## YOUR TASK
This exercise calls for every line of the data below with the string "header" in it.

## SOURCE MATERIAL
=== Section Start ===
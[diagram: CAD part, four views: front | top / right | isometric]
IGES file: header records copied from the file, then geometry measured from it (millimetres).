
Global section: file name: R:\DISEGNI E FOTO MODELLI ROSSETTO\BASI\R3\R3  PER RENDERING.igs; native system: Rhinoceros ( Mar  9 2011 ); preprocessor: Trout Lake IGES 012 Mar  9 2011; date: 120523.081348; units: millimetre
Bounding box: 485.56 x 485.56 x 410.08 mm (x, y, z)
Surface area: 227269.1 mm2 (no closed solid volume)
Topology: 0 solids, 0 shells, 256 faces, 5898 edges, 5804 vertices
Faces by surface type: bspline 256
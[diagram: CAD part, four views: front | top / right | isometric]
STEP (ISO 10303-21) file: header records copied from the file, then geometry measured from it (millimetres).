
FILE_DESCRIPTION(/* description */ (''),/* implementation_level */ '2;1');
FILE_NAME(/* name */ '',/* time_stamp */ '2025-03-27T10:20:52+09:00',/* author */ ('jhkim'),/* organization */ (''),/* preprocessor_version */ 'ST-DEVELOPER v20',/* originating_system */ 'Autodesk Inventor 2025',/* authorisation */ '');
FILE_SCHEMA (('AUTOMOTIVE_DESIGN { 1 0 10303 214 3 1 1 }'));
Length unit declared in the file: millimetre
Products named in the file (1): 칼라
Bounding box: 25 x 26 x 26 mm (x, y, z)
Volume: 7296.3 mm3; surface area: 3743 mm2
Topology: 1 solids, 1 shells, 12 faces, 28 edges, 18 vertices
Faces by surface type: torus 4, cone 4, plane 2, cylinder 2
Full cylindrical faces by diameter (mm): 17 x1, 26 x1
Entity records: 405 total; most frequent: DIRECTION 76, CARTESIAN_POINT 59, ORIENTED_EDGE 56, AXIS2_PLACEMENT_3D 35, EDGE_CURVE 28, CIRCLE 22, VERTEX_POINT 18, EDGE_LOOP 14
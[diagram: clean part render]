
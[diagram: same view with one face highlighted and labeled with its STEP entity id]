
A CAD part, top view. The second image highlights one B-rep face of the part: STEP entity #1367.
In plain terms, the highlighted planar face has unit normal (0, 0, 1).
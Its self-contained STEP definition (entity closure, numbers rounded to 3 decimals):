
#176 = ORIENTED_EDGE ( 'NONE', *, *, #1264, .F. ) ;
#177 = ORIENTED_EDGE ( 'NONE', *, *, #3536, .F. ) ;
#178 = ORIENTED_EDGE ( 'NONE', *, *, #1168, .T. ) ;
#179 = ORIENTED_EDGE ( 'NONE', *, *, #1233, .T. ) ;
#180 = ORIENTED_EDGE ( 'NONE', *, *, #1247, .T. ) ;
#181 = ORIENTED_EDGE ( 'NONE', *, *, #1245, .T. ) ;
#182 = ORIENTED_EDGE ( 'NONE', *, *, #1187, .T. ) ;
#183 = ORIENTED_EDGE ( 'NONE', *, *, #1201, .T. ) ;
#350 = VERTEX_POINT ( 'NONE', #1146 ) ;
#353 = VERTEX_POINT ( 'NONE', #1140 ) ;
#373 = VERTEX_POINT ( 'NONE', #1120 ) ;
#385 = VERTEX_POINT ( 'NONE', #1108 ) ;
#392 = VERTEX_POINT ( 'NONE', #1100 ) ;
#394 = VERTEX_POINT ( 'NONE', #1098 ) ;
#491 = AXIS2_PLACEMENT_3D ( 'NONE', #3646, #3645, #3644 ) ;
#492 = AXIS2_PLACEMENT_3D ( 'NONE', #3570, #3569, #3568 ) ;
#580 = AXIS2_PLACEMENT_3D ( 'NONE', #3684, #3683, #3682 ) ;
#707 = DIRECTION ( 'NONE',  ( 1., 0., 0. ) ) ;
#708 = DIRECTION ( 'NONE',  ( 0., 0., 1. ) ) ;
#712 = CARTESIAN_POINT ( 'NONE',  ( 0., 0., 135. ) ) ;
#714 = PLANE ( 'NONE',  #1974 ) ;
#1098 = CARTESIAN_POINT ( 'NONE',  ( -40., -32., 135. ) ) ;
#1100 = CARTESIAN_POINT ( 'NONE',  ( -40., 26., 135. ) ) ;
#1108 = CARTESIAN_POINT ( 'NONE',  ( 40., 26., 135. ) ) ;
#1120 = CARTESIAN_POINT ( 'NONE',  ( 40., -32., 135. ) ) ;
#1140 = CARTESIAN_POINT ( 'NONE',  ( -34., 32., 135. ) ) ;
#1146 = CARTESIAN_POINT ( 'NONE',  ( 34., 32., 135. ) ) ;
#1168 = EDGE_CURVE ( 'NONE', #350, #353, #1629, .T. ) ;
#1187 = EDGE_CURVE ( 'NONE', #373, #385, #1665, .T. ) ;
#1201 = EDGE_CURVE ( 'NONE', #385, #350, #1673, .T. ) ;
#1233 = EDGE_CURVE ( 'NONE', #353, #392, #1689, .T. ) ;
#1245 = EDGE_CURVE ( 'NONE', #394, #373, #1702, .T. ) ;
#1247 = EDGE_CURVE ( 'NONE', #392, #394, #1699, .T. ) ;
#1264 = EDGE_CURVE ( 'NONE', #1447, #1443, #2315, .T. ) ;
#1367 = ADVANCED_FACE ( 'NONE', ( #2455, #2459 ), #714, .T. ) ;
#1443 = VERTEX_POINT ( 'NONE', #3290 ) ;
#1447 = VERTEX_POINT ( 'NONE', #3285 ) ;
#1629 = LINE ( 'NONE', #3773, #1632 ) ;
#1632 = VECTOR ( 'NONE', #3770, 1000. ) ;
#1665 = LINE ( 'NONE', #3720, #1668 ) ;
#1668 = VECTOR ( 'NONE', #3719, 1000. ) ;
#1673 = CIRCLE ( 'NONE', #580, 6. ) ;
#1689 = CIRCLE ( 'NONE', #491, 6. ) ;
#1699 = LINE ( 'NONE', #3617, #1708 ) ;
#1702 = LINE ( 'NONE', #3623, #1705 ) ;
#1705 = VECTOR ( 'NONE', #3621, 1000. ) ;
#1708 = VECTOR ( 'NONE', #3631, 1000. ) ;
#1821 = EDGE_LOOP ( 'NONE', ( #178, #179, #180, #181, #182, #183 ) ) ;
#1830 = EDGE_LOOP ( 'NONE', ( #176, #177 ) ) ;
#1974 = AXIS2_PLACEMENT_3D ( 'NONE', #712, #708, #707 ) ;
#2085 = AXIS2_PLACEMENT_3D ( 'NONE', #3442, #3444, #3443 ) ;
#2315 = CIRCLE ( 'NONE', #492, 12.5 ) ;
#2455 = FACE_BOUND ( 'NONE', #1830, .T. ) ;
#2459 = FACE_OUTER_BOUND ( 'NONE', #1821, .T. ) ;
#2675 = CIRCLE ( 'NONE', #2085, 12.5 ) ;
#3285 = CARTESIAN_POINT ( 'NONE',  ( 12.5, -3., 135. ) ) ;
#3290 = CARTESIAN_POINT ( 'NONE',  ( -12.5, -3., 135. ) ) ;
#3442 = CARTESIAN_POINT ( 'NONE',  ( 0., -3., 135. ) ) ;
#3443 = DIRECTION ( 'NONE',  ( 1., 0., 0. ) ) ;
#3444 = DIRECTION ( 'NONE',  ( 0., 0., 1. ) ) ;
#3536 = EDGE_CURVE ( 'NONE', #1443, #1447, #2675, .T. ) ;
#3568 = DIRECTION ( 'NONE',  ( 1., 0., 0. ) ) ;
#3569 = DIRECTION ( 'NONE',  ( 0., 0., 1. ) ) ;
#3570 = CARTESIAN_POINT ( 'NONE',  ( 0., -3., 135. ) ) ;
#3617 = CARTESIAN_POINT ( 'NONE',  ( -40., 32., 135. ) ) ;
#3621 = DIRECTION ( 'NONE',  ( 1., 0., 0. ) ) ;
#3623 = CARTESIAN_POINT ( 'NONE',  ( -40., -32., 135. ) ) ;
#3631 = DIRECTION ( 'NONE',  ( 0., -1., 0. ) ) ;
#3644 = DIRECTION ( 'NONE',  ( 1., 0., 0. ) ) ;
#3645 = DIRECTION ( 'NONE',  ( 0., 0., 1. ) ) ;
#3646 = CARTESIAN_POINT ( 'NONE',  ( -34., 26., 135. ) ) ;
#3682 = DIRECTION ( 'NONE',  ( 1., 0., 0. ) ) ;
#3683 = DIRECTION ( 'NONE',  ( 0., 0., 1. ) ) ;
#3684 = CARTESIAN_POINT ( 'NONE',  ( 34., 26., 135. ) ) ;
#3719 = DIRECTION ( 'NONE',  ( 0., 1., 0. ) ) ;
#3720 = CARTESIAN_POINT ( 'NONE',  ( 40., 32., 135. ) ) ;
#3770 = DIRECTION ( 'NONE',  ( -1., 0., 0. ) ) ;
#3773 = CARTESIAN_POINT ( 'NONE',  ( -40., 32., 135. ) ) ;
=== Section End ===
## ANSWER SPACE
IGES file: header records copied from the file, then geometry measured from it (millimetres).
STEP (ISO 10303-21) file: header records copied from the file, then geometry measured from it (millimetres).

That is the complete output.